I have a table that contains:
id task_ids 1 10,15 2 NULL 3 17
I have the table that has the names of this tasks:
id task_name 10 a 15 b 17 c
I want to generate the following output
id task_ids task_names 1 10,15 a,b 2 null null 3 17 c
I know this structure isn’t ideal but this is legacy table which I will not change now.
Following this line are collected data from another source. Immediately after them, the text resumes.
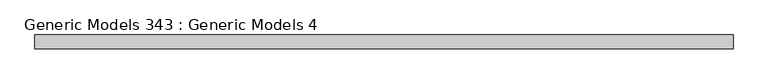
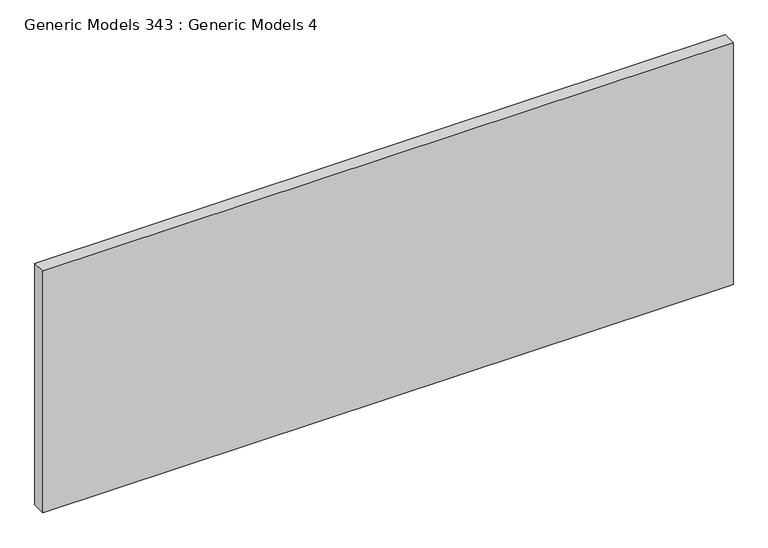
"""IFC4 building model written with IfcOpenShell, lengths in millimetres: proxy geometry, Generic Models 343 : Generic Models 4."""

from ifc_helpers import new_model, si_unit, frame, origin, place, context, project, spatial, polyline, outline, extrude, source, transform, mapped, element, save


def generic_models_343_generic_models_4_691fa667(model_context):
    return source(origin(), model_context, "Body", "SweptSolid", [
        extrude(outline(polyline([(8386.8578684, -6924.2070379), (8386.8578684, -7046.8543523), (2196.9263704, -7046.8543523), (2196.9263704, -6924.2070379), (8386.8578684, -6924.2070379)])), frame((0.0, 0.0, 124104.2281407), z_axis=(0.0, 0.0, 1.0), x_axis=(1.0, 0.0, 0.0)), (0.0, 0.0, 1.0), 2292.0407227),
    ])


if __name__ == "__main__":
    model = new_model("IFC4")
    model_context = context("Model", 3, world=origin())
    ifc_project = project(units=[si_unit("LENGTHUNIT", "METRE", prefix="MILLI")], contexts=[model_context])
    site = spatial("IfcSite", under=ifc_project)
    building = spatial("IfcBuilding", under=site)
    placement = place(None, origin())
    generic_models_343_generic_models_4_shape = generic_models_343_generic_models_4_691fa667(model_context)
    element("IfcBuildingElementProxy", 1, Name="Generic Models 343 : Generic Models 4", ObjectType="Generic Models 343 : Generic Models 4", at=placement, inside=building, context=model_context, shape_type="MappedRepresentation", body=[
        mapped(generic_models_343_generic_models_4_shape, transform((0.0, 0.0, 0.0), x_axis=(1.0, 0.0, 0.0), y_axis=(0.0, 1.0, 0.0), z_axis=(0.0, 0.0, 1.0))),
    ])
    save(model, "model.ifc")

# Revit data of these elements
# Element 1 (IfcBuildingElementProxy, "Generic Models 343 : Generic Models 4")
#   Materials on its faces: "_BATT INSUL. (U-FACTOR = 0.065 MIN.) OVER CLASS II VAPOR RETARDER(TOWARD INTERIOR)"
# Materials
#   "_BATT INSUL. (U-FACTOR = 0.065 MIN.) OVER CLASS II VAPOR RETARDER(TOWARD INTERIOR)": class "Generic", colour RGB 227 210 251, transparency 0, Cost = 0

Is there easy way to get the output ? I’m using Presto but I think this can be solved with native sql
Advertisement
Answer
WITH data AS (
SELECT * FROM (VALUES (1, '10,15'), (2, NULL)) x(id, task_ids)
),
task AS (
SELECT * FROM (VALUES ('10', 'a'), ('15', 'b')) x(id, task_name)
)
SELECT
d.id, d.task_ids
-- array_agg will obviously capture NULL task_name comping from LEFT JOIN, so we need to filter out such results
IF(array_agg(t.task_name) IS NOT DISTINCT FROM ARRAY[NULL], NULL, array_agg(t.task_name)) task_names
FROM data d
-- split task_ids by `,`, convert into numbers, UNNEST into separate rows
LEFT JOIN UNNEST (split(d.task_ids, ',')) AS e(task_id) ON true
-- LEFT JOIN with task to pull the task name
LEFT JOIN task t ON e.task_id = t.id
-- aggregate back
GROUP BY d.id, d.task_ids;